Case contributed by Frank Gaillard
Diagnosis certain

Presentation

Epilepsy and slow development.

Patient Data

Age: 30 years
Gender: Female

Numerous T2 hyperintense lesions of varying size with no overt mass effect, consistent with tubers, are scattered peripherally through both cerebral hemispheres (cortical/subcortical distribution), with additional signal abnormality anterior in the right cerebellar hemisphere.

In addition, numerous tiny isointense subependymal nodules, consistent with hamartomata, line both lateral ventricles.
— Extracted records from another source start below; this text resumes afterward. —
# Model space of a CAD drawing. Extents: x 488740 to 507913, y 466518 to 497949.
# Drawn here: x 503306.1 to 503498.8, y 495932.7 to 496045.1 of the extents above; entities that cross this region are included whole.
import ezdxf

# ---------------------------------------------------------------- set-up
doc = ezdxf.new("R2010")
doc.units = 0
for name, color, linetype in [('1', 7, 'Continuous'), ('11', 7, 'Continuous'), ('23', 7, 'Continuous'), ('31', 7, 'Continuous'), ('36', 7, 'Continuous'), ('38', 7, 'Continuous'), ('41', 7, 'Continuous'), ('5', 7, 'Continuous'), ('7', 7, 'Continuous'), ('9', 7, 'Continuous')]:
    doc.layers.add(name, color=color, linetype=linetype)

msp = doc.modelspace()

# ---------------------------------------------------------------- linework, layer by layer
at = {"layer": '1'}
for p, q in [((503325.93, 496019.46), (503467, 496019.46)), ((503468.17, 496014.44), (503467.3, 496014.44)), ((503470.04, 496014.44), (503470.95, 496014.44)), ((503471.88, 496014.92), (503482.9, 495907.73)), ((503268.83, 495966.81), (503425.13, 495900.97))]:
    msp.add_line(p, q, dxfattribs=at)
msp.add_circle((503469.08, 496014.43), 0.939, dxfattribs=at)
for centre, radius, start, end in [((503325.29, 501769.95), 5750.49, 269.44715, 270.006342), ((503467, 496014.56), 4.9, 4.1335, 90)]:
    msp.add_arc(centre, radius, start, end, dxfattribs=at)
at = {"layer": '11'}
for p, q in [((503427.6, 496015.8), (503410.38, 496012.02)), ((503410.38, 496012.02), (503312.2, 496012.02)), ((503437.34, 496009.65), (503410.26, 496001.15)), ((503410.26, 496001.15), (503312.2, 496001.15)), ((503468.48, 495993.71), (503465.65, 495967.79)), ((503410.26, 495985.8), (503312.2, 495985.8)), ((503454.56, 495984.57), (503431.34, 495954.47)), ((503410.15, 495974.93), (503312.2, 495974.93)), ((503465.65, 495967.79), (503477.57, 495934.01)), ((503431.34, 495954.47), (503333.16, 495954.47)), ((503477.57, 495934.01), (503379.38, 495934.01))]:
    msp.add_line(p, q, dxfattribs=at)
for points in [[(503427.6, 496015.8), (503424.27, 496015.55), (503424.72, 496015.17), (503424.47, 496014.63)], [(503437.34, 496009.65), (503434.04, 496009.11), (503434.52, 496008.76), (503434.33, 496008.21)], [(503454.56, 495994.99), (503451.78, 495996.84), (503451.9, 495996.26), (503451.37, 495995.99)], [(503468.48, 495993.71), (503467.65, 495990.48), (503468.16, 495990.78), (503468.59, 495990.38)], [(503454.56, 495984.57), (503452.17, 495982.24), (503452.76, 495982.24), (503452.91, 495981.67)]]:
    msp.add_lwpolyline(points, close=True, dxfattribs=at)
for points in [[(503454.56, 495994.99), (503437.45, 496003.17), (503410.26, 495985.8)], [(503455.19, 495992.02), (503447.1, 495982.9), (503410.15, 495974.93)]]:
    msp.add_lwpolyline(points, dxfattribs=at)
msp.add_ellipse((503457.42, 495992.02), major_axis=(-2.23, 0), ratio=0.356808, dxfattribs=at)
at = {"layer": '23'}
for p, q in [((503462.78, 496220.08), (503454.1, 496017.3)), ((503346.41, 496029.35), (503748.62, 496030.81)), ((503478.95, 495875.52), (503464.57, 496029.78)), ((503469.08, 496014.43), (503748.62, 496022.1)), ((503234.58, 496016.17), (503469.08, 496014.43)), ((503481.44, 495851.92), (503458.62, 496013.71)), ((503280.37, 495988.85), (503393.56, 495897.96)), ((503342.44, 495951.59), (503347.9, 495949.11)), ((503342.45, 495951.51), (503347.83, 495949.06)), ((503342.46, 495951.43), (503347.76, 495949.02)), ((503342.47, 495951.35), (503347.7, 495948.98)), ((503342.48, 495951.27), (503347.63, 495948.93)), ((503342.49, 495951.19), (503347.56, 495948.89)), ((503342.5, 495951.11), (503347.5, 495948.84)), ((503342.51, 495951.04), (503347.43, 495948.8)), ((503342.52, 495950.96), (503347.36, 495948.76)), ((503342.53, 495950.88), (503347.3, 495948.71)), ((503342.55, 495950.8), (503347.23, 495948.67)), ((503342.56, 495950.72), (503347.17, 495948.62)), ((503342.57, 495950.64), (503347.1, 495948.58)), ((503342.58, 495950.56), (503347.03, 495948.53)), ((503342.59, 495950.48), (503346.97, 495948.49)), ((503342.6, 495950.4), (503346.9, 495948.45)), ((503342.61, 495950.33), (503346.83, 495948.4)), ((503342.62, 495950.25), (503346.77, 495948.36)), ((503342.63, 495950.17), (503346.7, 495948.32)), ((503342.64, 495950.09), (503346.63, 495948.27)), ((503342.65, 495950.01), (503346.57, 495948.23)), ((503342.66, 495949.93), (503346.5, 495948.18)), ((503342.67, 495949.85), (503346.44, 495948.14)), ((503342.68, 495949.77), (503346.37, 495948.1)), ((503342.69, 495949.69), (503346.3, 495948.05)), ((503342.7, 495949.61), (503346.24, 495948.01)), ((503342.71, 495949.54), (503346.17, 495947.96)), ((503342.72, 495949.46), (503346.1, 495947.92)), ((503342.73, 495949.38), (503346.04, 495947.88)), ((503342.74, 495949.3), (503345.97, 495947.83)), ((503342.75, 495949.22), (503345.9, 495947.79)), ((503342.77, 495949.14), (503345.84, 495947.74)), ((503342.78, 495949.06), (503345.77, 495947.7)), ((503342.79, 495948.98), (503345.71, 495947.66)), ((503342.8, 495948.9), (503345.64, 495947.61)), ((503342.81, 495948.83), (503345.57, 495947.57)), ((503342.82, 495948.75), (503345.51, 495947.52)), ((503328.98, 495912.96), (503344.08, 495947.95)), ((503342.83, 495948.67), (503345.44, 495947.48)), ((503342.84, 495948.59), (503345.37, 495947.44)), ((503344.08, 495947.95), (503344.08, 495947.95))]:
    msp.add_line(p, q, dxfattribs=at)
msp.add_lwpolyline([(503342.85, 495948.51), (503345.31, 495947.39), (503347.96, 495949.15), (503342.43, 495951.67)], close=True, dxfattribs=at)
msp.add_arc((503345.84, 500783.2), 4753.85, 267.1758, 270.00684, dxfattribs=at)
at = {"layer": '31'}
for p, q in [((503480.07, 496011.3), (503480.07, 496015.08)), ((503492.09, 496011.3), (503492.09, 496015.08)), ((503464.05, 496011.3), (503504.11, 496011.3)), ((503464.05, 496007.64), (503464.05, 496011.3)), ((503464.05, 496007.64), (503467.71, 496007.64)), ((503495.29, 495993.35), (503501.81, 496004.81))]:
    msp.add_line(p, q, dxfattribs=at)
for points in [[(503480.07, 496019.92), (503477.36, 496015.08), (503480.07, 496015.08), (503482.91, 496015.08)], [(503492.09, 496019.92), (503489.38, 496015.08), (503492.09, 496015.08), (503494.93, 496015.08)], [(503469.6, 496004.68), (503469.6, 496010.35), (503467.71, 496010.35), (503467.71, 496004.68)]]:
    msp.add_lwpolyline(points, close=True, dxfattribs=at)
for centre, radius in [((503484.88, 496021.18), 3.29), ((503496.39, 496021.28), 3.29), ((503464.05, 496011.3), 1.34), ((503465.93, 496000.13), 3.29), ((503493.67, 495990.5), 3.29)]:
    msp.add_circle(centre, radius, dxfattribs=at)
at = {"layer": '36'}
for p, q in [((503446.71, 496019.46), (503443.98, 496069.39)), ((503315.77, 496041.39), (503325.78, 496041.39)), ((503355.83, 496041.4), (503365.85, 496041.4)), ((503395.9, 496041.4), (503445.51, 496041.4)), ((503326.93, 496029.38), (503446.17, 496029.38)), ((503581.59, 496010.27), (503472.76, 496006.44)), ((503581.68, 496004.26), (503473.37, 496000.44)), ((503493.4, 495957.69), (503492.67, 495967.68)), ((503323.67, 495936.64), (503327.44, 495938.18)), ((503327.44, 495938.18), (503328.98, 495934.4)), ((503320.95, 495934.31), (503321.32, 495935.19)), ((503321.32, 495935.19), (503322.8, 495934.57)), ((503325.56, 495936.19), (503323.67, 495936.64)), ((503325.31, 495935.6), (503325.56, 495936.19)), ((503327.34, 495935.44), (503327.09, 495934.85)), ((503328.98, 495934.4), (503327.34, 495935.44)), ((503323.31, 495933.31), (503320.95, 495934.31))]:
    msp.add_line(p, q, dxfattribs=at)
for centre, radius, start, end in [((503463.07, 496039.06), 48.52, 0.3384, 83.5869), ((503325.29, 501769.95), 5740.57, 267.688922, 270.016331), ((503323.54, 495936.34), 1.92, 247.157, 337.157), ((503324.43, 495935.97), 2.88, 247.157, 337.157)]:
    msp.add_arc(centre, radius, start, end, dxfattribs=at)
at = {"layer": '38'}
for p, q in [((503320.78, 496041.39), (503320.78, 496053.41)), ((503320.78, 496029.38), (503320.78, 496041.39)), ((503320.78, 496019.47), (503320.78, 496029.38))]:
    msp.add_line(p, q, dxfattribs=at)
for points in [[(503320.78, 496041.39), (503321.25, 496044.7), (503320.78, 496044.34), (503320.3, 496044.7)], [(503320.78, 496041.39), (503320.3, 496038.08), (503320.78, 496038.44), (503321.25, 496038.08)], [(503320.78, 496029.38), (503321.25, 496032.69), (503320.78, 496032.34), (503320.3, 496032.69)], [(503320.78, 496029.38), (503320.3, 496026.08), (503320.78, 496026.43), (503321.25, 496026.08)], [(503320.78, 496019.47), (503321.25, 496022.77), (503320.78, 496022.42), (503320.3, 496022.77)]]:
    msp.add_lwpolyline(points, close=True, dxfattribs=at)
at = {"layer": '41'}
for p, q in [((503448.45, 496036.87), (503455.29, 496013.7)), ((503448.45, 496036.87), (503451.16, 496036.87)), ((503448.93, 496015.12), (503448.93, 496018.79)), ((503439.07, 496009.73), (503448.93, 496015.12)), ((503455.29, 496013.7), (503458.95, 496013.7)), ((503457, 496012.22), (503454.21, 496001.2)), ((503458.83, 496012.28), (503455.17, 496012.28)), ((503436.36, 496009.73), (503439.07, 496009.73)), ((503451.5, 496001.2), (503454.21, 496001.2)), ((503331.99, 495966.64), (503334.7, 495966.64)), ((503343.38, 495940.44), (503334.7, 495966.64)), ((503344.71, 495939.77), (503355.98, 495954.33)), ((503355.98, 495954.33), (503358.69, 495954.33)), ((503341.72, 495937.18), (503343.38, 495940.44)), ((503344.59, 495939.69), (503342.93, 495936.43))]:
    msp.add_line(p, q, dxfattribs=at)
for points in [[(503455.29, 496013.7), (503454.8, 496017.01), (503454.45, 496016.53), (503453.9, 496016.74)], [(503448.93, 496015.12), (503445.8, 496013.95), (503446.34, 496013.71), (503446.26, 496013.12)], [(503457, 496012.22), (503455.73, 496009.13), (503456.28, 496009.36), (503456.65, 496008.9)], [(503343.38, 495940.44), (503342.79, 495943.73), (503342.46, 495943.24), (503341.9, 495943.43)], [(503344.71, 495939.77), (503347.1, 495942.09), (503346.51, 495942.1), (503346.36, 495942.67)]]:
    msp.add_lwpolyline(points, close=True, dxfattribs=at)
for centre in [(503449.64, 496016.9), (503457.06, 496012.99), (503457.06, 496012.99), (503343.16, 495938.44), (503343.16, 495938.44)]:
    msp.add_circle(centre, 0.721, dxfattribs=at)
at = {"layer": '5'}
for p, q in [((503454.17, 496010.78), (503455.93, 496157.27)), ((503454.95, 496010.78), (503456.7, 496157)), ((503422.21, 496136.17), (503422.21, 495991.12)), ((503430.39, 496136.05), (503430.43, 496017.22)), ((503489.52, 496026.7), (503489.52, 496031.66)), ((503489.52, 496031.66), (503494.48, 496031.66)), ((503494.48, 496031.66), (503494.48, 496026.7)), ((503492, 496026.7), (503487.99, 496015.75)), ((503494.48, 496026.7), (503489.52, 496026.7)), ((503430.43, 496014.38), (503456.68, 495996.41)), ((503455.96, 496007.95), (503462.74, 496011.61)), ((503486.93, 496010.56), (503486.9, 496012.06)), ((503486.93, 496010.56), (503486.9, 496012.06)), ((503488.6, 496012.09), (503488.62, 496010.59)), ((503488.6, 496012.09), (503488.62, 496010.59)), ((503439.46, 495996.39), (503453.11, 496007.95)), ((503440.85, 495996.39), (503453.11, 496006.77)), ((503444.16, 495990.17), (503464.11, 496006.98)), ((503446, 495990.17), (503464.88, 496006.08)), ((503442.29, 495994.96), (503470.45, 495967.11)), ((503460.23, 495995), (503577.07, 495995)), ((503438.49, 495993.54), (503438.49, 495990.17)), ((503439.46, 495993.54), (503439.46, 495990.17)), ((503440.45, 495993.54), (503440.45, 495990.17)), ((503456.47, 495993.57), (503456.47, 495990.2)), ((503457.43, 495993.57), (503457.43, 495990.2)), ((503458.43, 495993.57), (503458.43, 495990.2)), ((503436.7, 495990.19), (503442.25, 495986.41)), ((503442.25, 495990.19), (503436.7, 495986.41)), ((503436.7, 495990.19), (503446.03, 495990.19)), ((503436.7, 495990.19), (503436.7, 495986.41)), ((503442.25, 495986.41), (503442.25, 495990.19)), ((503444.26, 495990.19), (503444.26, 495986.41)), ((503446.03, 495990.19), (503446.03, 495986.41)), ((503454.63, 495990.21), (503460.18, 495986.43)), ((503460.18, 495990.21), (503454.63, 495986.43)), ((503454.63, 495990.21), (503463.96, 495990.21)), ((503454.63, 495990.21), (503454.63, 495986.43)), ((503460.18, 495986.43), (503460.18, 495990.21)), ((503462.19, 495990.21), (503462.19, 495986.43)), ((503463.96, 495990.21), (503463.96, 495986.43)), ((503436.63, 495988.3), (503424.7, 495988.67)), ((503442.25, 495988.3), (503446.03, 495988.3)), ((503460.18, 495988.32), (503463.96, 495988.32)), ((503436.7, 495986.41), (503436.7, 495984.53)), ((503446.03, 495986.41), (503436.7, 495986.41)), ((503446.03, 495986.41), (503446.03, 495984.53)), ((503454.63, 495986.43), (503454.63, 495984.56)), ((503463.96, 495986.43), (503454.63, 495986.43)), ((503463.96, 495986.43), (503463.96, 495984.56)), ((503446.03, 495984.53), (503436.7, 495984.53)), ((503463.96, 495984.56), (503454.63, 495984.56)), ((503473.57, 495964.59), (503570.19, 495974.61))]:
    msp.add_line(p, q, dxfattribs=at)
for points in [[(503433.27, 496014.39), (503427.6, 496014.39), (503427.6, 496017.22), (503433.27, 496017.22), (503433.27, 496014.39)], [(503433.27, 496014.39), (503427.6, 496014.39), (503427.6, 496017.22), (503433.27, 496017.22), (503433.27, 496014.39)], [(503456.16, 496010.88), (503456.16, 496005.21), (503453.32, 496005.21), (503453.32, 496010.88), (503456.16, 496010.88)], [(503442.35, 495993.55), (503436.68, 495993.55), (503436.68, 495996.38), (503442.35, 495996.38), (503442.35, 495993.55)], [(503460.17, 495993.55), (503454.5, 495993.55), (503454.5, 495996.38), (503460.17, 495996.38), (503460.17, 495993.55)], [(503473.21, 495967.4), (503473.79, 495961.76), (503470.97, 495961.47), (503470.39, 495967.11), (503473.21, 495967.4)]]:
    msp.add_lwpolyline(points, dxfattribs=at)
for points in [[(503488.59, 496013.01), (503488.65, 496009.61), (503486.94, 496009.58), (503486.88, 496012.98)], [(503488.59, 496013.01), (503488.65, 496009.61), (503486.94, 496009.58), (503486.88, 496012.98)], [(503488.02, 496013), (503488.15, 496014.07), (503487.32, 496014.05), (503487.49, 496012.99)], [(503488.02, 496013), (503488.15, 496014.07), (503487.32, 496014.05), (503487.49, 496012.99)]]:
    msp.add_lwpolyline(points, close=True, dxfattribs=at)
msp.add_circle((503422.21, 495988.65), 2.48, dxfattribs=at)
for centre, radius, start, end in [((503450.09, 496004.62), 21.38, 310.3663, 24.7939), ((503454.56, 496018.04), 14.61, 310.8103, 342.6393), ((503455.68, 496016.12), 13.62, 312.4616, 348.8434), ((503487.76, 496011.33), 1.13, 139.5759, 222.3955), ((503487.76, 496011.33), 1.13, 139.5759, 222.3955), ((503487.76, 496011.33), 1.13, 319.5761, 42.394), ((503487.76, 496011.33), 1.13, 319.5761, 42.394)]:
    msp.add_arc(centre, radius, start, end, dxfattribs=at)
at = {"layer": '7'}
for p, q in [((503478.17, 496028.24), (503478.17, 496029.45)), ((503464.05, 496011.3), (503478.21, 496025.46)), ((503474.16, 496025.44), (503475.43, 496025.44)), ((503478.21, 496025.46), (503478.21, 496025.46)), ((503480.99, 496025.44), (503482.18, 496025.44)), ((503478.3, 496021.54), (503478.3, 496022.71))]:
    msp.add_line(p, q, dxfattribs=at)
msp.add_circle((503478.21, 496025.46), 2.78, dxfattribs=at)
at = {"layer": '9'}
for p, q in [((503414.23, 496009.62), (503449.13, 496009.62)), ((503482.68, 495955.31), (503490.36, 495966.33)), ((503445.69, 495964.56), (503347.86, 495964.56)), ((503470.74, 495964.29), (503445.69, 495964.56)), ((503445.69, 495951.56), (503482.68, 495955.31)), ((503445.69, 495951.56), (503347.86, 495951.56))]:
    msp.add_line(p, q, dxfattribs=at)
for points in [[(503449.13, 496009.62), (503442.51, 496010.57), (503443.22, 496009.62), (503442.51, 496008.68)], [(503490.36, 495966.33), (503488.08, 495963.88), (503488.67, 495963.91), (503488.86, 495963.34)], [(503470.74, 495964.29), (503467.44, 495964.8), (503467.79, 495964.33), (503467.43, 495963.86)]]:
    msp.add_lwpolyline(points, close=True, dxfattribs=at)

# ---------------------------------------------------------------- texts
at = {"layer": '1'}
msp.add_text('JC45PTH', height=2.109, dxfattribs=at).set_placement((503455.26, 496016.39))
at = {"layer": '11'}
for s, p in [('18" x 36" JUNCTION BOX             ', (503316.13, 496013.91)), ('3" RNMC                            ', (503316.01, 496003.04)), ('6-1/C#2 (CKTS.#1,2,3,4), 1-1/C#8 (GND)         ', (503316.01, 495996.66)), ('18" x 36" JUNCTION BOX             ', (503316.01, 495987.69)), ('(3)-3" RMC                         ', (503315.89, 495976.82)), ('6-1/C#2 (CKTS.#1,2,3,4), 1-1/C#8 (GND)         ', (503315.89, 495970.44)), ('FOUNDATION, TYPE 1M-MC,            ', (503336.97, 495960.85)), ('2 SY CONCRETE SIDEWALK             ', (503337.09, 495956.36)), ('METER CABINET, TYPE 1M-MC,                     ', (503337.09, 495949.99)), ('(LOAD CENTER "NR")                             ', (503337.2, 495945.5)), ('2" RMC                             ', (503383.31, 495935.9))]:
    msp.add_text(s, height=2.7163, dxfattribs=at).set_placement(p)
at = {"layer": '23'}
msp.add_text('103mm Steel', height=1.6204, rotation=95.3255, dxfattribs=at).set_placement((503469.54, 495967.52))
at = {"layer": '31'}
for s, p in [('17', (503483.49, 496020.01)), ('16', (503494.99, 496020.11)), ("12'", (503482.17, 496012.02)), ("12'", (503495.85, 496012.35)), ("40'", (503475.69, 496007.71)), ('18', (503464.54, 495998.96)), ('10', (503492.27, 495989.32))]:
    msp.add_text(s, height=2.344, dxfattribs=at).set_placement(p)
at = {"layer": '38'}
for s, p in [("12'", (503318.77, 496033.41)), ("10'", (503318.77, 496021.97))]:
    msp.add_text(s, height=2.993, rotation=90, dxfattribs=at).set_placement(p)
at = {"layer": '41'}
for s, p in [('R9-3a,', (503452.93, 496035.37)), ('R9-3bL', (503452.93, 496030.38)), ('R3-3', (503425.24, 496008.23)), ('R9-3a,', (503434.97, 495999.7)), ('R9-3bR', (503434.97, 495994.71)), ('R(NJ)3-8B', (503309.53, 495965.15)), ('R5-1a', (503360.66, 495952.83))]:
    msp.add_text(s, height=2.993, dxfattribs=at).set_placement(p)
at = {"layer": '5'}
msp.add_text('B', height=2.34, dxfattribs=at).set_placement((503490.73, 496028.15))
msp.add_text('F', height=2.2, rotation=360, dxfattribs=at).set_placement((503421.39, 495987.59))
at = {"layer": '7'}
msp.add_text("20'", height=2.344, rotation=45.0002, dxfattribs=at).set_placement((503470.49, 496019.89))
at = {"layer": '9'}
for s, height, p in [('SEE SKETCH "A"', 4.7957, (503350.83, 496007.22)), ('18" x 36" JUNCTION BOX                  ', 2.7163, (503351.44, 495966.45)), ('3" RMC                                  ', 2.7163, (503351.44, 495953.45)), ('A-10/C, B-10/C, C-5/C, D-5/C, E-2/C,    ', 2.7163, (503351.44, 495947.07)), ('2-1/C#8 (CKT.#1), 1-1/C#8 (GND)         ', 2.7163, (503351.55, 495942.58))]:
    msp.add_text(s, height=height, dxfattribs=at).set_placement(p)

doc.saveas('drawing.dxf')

Features are in keeping with tuberous sclerosis. 

A heterogeneous and calcified (confirmed on CT) periventricular nodule near the foramen of Munro may represent a small giant cell astrocytoma, or merely a large subependymal nodule.

A small left pleural effusion is present. The cardiomediastinal contour is within normal limits. No pneumothorax. Mild thoracic scoliosis convex to the right centered at approximately T7 noted. No other bony abnormality.

Image quality is degraded by movement artefact. Multiple cystic lesions are distributed throughout both lungs, consistent with tuberous sclerosis related lymphangiomyomatosis. The pleural spaces are clear. Mid thoracic dextroscoliosis noted.

Sclerotic foci are distributed throughout the cervical and upper thoracic spine, consistent with bone islands.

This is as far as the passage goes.